→ Available data:
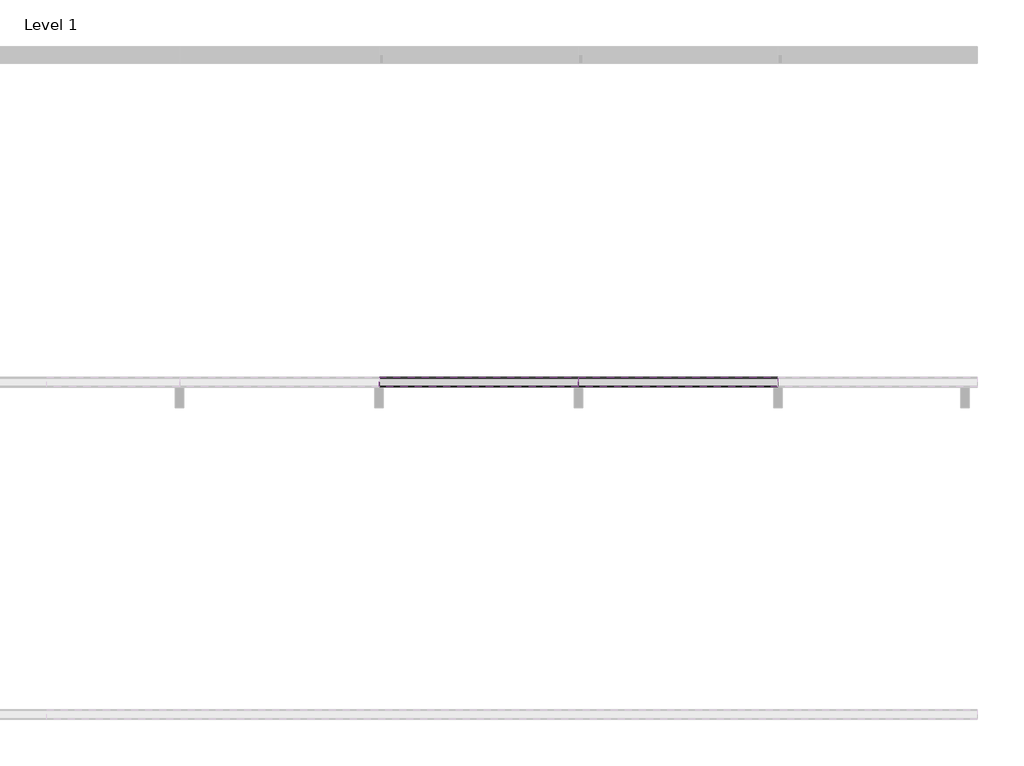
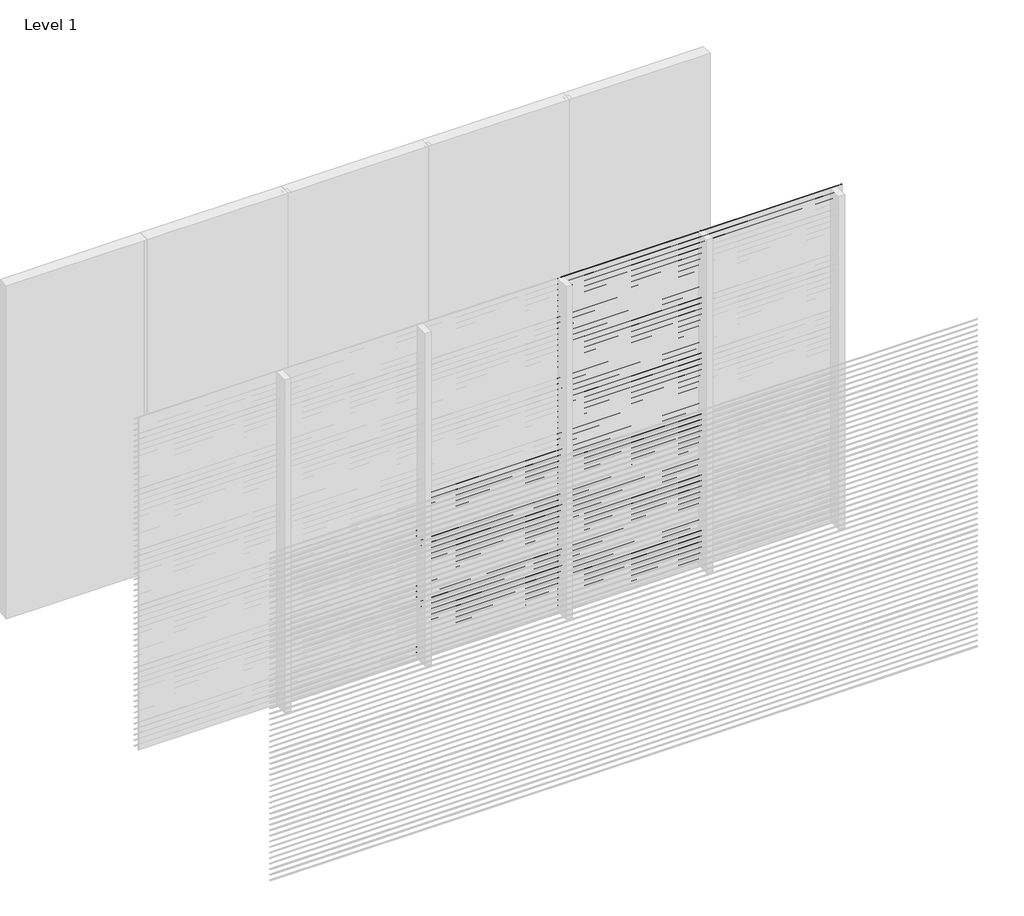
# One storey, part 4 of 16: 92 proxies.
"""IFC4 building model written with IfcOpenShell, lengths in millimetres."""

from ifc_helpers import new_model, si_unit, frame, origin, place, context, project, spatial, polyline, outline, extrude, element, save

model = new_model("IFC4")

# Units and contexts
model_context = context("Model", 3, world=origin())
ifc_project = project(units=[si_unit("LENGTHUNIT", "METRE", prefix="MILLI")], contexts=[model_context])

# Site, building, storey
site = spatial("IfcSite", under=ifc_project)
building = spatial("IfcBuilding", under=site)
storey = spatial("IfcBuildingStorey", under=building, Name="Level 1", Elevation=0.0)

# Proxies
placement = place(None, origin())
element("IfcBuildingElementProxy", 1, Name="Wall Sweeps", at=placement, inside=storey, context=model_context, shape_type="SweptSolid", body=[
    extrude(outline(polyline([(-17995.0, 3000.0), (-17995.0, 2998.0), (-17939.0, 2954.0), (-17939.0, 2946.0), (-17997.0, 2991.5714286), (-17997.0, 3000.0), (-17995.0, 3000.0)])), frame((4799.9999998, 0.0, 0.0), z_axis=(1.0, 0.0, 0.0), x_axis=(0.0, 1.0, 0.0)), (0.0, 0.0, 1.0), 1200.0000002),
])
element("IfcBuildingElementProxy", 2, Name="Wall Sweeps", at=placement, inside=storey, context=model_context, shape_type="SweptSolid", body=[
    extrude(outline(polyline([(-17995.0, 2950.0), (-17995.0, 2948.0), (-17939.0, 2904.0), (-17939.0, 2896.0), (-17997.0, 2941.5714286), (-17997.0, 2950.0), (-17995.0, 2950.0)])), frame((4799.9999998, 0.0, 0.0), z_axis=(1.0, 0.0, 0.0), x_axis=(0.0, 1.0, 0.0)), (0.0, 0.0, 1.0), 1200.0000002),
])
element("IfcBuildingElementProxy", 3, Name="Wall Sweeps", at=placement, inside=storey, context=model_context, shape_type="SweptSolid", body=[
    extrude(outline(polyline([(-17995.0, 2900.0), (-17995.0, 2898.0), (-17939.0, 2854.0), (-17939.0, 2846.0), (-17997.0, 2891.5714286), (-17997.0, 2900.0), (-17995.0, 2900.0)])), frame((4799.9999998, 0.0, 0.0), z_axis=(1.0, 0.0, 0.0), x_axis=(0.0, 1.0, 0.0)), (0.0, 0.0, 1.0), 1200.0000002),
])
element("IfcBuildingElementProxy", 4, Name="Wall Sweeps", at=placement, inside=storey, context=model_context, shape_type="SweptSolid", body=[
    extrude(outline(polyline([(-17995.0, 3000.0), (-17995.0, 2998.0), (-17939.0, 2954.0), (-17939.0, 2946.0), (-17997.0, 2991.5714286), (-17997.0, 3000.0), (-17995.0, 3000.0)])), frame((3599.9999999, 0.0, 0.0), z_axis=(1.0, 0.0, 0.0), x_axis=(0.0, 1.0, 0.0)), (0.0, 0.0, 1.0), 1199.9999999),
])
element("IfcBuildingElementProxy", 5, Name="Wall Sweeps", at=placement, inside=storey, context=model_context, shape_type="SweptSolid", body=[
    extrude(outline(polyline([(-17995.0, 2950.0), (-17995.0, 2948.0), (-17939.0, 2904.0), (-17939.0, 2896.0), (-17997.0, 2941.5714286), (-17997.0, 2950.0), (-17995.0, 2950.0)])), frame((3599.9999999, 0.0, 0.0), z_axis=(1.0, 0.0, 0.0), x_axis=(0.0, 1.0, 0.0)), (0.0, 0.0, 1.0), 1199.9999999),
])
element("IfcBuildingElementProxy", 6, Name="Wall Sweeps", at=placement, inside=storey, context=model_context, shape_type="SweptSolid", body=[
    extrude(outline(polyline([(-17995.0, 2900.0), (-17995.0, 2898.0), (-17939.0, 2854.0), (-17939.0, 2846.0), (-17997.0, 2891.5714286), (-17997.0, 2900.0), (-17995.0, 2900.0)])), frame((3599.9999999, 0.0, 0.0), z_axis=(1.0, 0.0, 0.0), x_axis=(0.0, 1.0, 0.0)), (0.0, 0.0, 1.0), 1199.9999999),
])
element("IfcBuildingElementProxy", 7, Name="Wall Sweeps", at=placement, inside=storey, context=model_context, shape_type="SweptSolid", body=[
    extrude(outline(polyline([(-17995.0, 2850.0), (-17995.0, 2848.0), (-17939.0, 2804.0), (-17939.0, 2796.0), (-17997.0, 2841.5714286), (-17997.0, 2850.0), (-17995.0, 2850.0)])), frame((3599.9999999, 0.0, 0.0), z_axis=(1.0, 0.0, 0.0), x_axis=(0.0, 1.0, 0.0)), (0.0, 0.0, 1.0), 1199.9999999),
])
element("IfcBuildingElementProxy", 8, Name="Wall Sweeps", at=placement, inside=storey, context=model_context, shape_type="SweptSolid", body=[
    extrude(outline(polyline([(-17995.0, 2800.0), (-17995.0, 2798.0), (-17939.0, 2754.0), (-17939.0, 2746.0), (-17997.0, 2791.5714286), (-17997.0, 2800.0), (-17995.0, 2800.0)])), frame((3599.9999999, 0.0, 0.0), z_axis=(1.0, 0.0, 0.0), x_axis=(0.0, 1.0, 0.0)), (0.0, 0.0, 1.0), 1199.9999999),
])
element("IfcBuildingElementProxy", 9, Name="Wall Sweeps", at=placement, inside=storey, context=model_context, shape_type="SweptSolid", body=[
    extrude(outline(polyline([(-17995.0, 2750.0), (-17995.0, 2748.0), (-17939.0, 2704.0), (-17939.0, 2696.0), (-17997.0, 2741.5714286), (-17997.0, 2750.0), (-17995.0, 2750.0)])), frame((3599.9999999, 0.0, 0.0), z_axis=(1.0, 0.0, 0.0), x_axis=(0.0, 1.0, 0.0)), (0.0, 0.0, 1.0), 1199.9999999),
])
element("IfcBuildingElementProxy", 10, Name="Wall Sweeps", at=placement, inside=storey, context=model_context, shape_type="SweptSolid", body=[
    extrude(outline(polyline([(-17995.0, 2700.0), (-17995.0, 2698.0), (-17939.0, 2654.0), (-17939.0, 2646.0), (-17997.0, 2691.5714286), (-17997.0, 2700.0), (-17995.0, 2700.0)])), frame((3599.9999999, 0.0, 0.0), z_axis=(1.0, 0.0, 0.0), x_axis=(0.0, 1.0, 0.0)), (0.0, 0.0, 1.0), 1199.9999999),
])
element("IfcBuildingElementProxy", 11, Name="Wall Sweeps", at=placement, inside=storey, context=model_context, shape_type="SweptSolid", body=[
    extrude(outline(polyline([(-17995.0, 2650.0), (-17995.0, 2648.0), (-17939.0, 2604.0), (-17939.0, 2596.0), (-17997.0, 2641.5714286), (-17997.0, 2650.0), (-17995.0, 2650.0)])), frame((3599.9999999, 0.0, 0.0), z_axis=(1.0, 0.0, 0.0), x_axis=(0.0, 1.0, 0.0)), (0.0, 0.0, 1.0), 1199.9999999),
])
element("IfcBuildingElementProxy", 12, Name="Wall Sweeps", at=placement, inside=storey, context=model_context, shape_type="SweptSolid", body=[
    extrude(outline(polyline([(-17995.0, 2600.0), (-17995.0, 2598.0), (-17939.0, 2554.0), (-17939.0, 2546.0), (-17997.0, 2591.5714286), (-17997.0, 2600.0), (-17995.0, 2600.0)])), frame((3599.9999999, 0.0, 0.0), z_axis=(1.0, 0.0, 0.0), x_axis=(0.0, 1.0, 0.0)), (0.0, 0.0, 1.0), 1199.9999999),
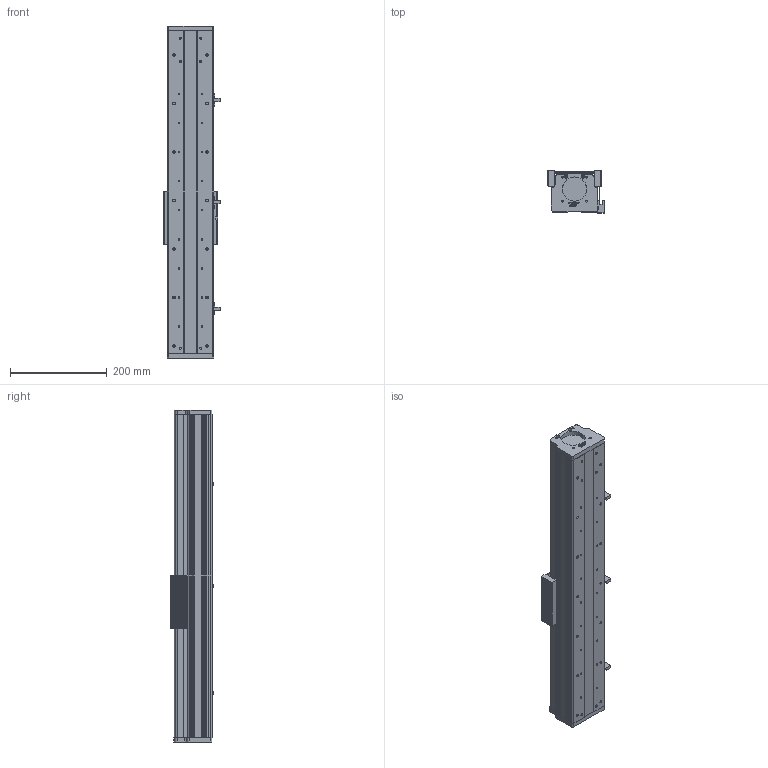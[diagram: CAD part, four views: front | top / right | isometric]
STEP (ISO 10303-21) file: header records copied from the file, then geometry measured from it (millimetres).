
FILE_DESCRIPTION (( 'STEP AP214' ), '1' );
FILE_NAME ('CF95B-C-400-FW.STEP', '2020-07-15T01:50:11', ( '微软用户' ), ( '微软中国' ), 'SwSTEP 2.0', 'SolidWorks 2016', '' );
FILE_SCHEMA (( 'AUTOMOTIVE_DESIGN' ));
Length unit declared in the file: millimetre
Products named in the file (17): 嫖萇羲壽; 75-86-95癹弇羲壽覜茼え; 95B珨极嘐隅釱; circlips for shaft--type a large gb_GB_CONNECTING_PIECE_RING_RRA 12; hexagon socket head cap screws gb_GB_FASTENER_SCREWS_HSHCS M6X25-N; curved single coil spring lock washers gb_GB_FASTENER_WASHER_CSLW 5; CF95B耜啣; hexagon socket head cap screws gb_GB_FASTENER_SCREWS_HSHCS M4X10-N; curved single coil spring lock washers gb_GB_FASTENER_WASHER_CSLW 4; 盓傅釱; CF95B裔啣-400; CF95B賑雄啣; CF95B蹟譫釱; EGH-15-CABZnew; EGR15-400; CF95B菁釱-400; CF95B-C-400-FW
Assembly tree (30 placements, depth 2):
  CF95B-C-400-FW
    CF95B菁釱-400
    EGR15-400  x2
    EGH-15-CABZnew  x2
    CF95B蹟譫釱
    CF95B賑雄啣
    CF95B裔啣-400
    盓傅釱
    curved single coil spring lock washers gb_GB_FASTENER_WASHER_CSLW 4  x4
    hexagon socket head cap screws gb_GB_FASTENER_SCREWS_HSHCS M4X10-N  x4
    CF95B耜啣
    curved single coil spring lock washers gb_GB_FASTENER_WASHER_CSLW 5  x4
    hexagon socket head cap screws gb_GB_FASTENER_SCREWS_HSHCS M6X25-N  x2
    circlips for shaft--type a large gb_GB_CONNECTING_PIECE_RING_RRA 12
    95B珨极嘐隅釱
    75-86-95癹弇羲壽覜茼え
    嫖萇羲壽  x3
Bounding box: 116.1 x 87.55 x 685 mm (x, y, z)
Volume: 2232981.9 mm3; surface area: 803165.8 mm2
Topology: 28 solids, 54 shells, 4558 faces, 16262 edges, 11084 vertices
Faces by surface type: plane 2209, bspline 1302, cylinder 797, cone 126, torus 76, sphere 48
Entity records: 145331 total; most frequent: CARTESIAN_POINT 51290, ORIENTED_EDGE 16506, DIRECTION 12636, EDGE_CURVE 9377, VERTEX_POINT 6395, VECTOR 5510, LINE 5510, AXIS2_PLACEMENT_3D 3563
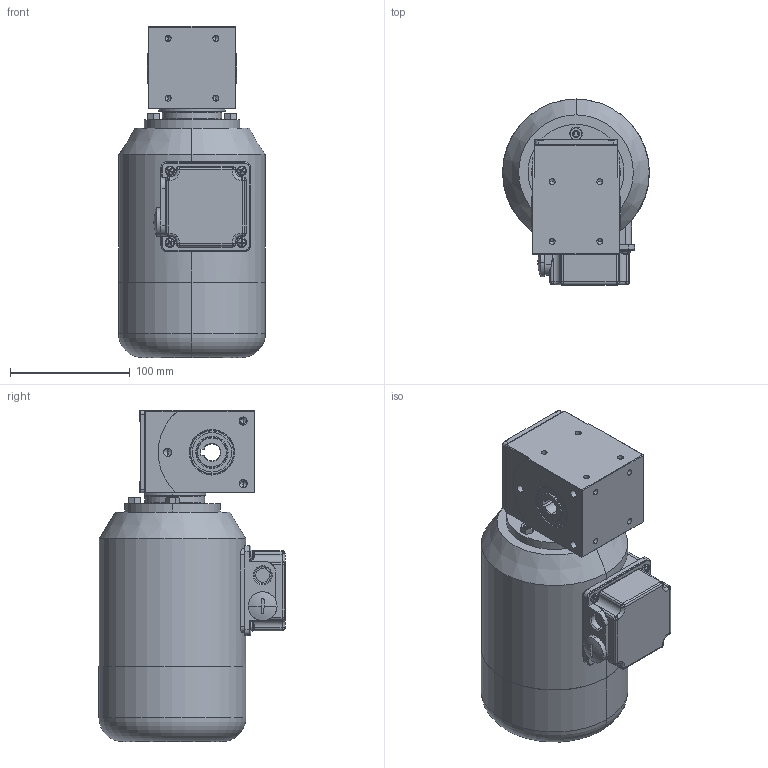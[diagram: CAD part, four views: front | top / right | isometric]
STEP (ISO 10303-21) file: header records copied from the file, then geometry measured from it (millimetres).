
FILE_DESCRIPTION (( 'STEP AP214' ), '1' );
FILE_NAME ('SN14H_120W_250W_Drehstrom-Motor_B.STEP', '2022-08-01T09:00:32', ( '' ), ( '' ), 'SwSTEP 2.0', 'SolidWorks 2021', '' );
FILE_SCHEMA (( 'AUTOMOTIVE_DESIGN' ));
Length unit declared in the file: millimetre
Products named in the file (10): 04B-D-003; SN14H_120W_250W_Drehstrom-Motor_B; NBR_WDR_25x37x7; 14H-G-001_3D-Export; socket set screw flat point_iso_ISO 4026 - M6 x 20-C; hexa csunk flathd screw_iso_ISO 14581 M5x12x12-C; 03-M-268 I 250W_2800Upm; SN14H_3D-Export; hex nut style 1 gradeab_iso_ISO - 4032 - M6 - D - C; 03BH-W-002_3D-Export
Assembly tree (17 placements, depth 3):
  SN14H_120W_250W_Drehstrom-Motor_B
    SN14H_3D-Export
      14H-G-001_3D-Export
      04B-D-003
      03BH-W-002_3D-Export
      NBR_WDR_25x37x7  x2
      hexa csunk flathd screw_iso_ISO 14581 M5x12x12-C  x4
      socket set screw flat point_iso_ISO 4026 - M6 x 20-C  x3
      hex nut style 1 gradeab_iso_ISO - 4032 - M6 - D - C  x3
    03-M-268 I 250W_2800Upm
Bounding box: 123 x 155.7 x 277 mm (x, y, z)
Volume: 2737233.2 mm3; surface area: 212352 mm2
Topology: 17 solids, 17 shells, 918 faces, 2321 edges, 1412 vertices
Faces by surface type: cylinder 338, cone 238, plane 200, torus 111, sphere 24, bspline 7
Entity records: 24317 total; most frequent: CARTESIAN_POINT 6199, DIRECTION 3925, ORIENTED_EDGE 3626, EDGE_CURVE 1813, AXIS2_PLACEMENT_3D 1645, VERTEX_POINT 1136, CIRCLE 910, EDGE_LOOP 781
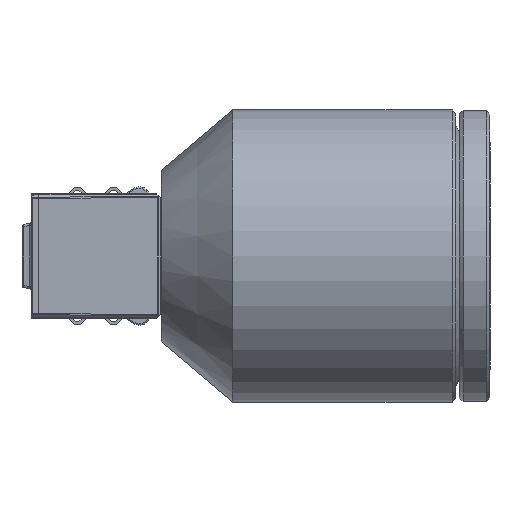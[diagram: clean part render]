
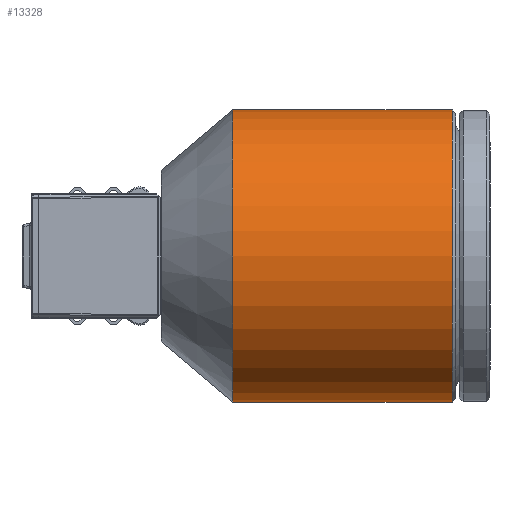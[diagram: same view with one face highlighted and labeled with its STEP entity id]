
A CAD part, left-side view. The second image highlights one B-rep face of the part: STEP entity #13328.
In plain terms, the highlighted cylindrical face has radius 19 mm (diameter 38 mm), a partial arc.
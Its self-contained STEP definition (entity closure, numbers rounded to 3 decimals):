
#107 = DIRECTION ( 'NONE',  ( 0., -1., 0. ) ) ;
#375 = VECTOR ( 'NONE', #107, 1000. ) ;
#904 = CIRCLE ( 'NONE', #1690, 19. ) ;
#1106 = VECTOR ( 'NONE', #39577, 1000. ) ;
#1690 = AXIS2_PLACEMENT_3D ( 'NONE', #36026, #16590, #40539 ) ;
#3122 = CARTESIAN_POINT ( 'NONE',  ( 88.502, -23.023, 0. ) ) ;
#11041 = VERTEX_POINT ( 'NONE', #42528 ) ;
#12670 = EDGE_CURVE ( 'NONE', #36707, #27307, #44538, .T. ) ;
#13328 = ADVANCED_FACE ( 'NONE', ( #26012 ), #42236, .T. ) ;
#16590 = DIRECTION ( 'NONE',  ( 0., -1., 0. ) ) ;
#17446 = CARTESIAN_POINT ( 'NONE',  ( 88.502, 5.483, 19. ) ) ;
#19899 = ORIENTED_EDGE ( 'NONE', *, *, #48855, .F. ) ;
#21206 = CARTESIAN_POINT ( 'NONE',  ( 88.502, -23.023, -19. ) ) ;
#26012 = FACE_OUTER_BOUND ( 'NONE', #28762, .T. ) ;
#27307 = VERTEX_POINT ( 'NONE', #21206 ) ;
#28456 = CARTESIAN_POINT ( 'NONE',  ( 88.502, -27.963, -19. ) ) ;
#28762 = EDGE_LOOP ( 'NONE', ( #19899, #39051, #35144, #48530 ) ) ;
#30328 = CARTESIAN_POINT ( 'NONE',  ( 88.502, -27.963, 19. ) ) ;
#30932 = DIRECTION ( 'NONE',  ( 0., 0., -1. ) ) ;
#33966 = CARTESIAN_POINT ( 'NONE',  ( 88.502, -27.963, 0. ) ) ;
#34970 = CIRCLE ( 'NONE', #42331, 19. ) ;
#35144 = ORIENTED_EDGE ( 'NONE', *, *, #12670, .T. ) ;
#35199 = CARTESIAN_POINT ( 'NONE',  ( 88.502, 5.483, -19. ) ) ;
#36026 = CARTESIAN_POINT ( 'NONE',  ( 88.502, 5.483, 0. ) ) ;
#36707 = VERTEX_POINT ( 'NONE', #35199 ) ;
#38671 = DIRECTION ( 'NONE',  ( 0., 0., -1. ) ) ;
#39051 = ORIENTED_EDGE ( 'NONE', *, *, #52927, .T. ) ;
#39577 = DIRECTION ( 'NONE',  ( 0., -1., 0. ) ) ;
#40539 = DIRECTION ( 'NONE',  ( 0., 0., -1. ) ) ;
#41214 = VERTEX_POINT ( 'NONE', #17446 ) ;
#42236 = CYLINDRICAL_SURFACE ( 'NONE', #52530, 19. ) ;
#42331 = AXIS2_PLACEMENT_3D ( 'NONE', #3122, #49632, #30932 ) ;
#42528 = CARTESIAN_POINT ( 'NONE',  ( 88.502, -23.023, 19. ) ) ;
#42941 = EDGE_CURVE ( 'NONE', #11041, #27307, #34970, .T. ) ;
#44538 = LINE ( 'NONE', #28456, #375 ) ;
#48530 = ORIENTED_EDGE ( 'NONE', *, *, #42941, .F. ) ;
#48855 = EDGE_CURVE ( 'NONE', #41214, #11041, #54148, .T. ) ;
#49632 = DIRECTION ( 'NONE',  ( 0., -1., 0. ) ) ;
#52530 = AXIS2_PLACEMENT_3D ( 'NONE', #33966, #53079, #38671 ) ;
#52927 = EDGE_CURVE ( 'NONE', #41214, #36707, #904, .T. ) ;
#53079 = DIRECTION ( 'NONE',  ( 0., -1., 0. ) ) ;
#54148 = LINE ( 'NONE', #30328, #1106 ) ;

→ Try it:
In the entries above, find the line holding "Volume: 2737233.2 mm3;" and the line holding "Entity records: 24317"; print both of them and every line between, exactly, and nothing else.

→ Answer area:
Volume: 2737233.2 mm3; surface area: 212352 mm2
Topology: 17 solids, 17 shells, 918 faces, 2321 edges, 1412 vertices
Faces by surface type: cylinder 338, cone 238, plane 200, torus 111, sphere 24, bspline 7
Entity records: 24317 total; most frequent: CARTESIAN_POINT 6199, DIRECTION 3925, ORIENTED_EDGE 3626, EDGE_CURVE 1813, AXIS2_PLACEMENT_3D 1645, VERTEX_POINT 1136, CIRCLE 910, EDGE_LOOP 781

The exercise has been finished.